In my young, naive days of turning 21, I had no idea how to order a cocktail. The long lists of drink names were confusing to me. After a few well-meaning friends “initiated” me with the Jagerbomb, I almost gave up on alcohol.
White Russians are creamy, sweet, and delicious but also secretly potent. After drinking three in an hour, I was found to be running laps around a parking lot nearby. Hmmm. Glad I’m no longer 21.5.
The traditional White Russian is made with vodka, Kahlua, and cream. I chose to make mine dairy-free by using full-fat coconut milk. You can freeze these babies into cubes to create a frozen cocktail.
This drink is made even better by adding coffee to the mix. I could have slurped down the entire batch, but I’d be running laps in our backyard. John would have had that. I’m glad to say that, at 26, I am a little bit wiser than when I was 21.
White Russian Cocktail Origin
The first recipe for a White Russian Cocktail was from a 1930 book called The Savoy Cocktail Book. The book contained recipes that used vodka, which was a popular drink at the time. Later, the drink was popularized by the 1998 film The Big Lebowski.
This drink is absolutely delicious. It’s creamy, coffee-infused, and boozy, with a slight coconut flavor. It’s pure sin when you drizzle on some chocolate sauce. Oh my god, we are going to the extreme. Do you want to join?
Ingredients
- 10-14 coconut milk or almond milk ice cubes*
- 1 1/2 ounces vodka
- 1 1/2 ounces Kahlua*
- 1/4 cup of bold coffee (chilled).
- Honey or agave nectar (if vegan) or powdered Stevia (for sweetness).

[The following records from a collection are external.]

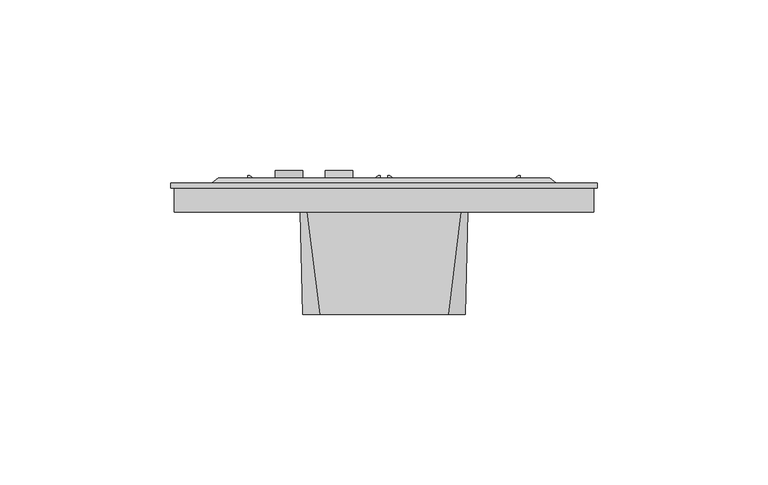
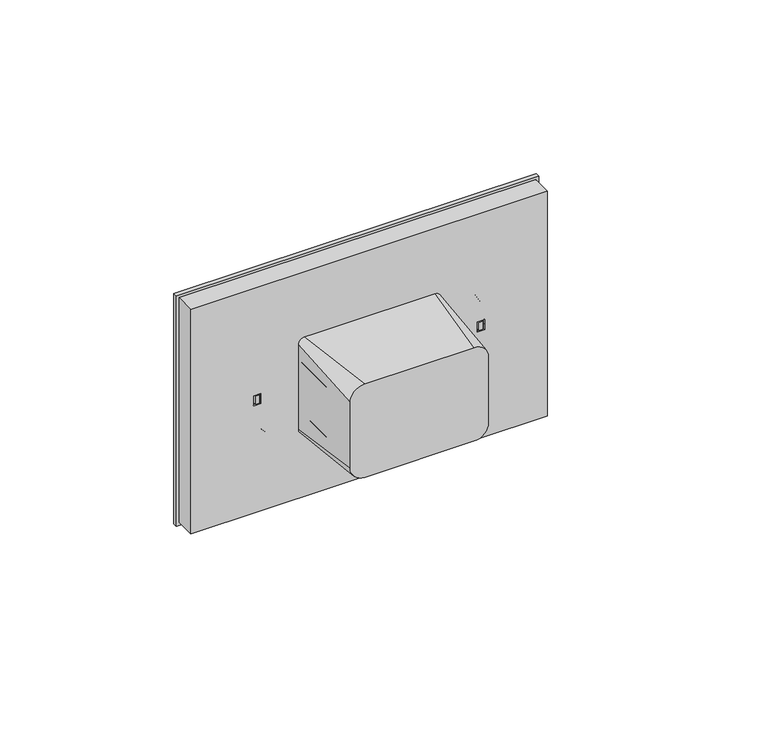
"""IFC4 building model written with IfcOpenShell, lengths in millimetres: proxy geometry, IEK_Brite_Розетка_2гн : 230 В PE_РС12-3-БрА."""

from ifc_helpers import new_model, si_unit, point, frame, frame_2d, origin, place, context, project, spatial, polyline, circle_curve, ellipse_curve, trimmed, segment, composite_curve, outline, extrude, source, transform, mapped, element, save
from ifc_brep_helpers import plane_surface, cylinder_surface, revolved_surface, spline_surface, advanced_brep


def electrical_fixtures_ccb00a8f(model_context):
    return source(origin(), model_context, "Body", "SolidModel", [
        advanced_brep(
        [(20.5, 0.0, -6.3904783), (20.5, 0.0, -11.8753617), (20.5, 0.5, -11.8753617), (20.5, 0.5, -6.3904783), (20.5, 0.0, 3.0105286), (20.5, 0.0, -3.0105286), (20.5, 0.5, -3.0105286), (20.5, 0.5, 3.0105286), (20.5, 0.0, 11.8753617), (20.5, 0.0, 6.3904783), (20.5, 0.5, 6.3904783), (20.5, 0.5, 11.8753617), (39.8280847, 0.0, -1.7917908), (39.8280847, 0.0, 0.0), (39.8280847, 0.5, 0.0), (39.8280847, 0.5, -1.7917908), (39.8280847, 0.0, 1.7917908), (39.8280847, 0.5, 1.7917908), (37.3280847, 0.0, 1.7917908), (37.3280847, 0.5, 1.7917908), (37.3280847, 0.0, 0.0), (37.3280847, 0.5, 0.0), (37.3280847, 0.0, -1.7917908), (37.3280847, 0.5, -1.7917908), (1.1719153, 0.0, -1.7917908), (3.6719153, 0.0, -1.7917908), (3.6719153, 0.5, -1.7917908), (1.1719153, 0.5, -1.7917908), (3.6719153, 0.0, 0.0), (3.6719153, 0.5, 0.0), (3.6719153, 0.0, 1.7917908), (3.6719153, 0.5, 1.7917908), (1.1719153, 0.0, 1.7917908), (1.1719153, 0.5, 1.7917908), (1.1719153, 0.0, 0.0), (1.1719153, 0.5, 0.0), (-20.5, 0.0, -6.3904783), (-20.5, 0.0, -11.8753617), (-20.5, 0.5, -11.8753617), (-20.5, 0.5, -6.3904783), (-20.5, 0.0, 3.0105286), (-20.5, 0.0, -3.0105286), (-20.5, 0.5, -3.0105286), (-20.5, 0.5, 3.0105286), (-20.5, 0.0, 11.8753617), (-20.5, 0.0, 6.3904783), (-20.5, 0.5, 6.3904783), (-20.5, 0.5, 11.8753617), (-39.8280847, 0.0, -1.7917908), (-37.3280847, 0.0, -1.7917908), (-37.3280847, 0.5, -1.7917908), (-39.8280847, 0.5, -1.7917908), (-37.3280847, 0.0, 0.0), (-37.3280847, 0.5, 0.0), (-37.3280847, 0.0, 1.7917908), (-37.3280847, 0.5, 1.7917908), (-39.8280847, 0.0, 1.7917908), (-39.8280847, 0.5, 1.7917908), (-39.8280847, 0.0, 0.0), (-39.8280847, 0.5, 0.0), (-1.1719153, 0.0, -1.7917908), (-1.1719153, 0.0, 0.0), (-1.1719153, 0.5, 0.0), (-1.1719153, 0.5, -1.7917908), (-1.1719153, 0.0, 1.7917908), (-1.1719153, 0.5, 1.7917908), (-3.6719153, 0.0, 1.7917908), (-3.6719153, 0.5, 1.7917908), (-3.6719153, 0.0, 0.0), (-3.6719153, 0.5, 0.0), (-3.6719153, 0.0, -1.7917908), (-3.6719153, 0.5, -1.7917908), (-48.5, 10.0, 28.0), (48.5, 10.0, 28.0), (48.5, 10.0, -28.0), (-48.5, 10.0, -28.0), (-0.5, 10.0, 0.0), (-40.5, 10.0, 0.0), (40.5, 10.0, 0.0), (0.5, 10.0, 0.0), (-50.5, 8.5, -30.0), (-50.5, 8.5, 30.0), (50.5, 8.5, -30.0), (50.5, 8.5, 30.0), (-0.5, 0.5, 0.0), (-40.5, 0.5, 0.0), (40.5, 0.5, 0.0), (0.5, 0.5, 0.0), (-62.5, 7.0, 42.0), (-62.5, 7.0, -42.0), (62.5, 7.0, -42.0), (62.5, 7.0, 42.0), (-61.5, 7.0, -41.0), (-61.5, 7.0, 41.0), (61.5, 7.0, 41.0), (61.5, 7.0, -41.0), (-62.5, 8.5, 42.0), (62.5, 8.5, 42.0), (62.5, 8.5, -42.0), (-62.5, 8.5, -42.0), (-61.5, 0.0, 41.0), (-61.5, 0.0, -41.0), (61.5, 0.0, -41.0), (61.5, 0.0, 41.0)],
        [
            (0, 1, circle_curve(frame((20.5, 0.0, -9.13292), z_axis=(0.0, -1.0, 0.0), x_axis=(0.0, 0.0, -1.0)), 2.7424417)),
            (1, 2),
            (2, 3, circle_curve(frame((20.5, 0.5, -9.13292), z_axis=(0.0, 1.0, 0.0), x_axis=(0.0, 0.0, -1.0)), 2.7424417)),
            (3, 0),
            (1, 0, circle_curve(frame((20.5, 0.0, -9.13292), z_axis=(0.0, -1.0, 0.0), x_axis=(0.0, 0.0, -1.0)), 2.7424417)),
            (3, 2, circle_curve(frame((20.5, 0.5, -9.13292), z_axis=(0.0, 1.0, 0.0), x_axis=(0.0, 0.0, -1.0)), 2.7424417)),
            (4, 5, circle_curve(frame((20.5, 0.0, 0.0), z_axis=(0.0, -1.0, 0.0), x_axis=(0.0, 0.0, -1.0)), 3.0105286)),
            (5, 6),
            (6, 7, circle_curve(frame((20.5, 0.5, 0.0), z_axis=(0.0, 1.0, 0.0), x_axis=(0.0, 0.0, -1.0)), 3.0105286)),
            (7, 4),
            (5, 4, circle_curve(frame((20.5, 0.0, 0.0), z_axis=(0.0, -1.0, 0.0), x_axis=(0.0, 0.0, -1.0)), 3.0105286)),
            (7, 6, circle_curve(frame((20.5, 0.5, 0.0), z_axis=(0.0, 1.0, 0.0), x_axis=(0.0, 0.0, -1.0)), 3.0105286)),
            (8, 9, circle_curve(frame((20.5, 0.0, 9.13292), z_axis=(0.0, -1.0, 0.0), x_axis=(0.0, 0.0, -1.0)), 2.7424417)),
            (9, 10),
            (10, 11, circle_curve(frame((20.5, 0.5, 9.13292), z_axis=(0.0, 1.0, 0.0), x_axis=(0.0, 0.0, -1.0)), 2.7424417)),
            (11, 8),
            (9, 8, circle_curve(frame((20.5, 0.0, 9.13292), z_axis=(0.0, -1.0, 0.0), x_axis=(0.0, 0.0, -1.0)), 2.7424417)),
            (11, 10, circle_curve(frame((20.5, 0.5, 9.13292), z_axis=(0.0, 1.0, 0.0), x_axis=(0.0, 0.0, -1.0)), 2.7424417)),
            (12, 13),
            (13, 14),
            (14, 15),
            (15, 12),
            (13, 16),
            (16, 17),
            (17, 14),
            (16, 18),
            (18, 19),
            (19, 17),
            (18, 20),
            (20, 21),
            (21, 19),
            (20, 22),
            (22, 23),
            (23, 21),
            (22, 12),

- Chocolate sauce (optional // for topping)
Instructions
- Pour a can of full-fat coconut milk into an ice cube maker and shake it. You can also use unsweetened almond or light coconut milk. Freeze for 5-7 hours, or overnight.
- Blend the coconut ice, vodka, Kahlua, and coffee in a mixer until smooth. Add agave nectar or honey if you want to adjust the sweetness.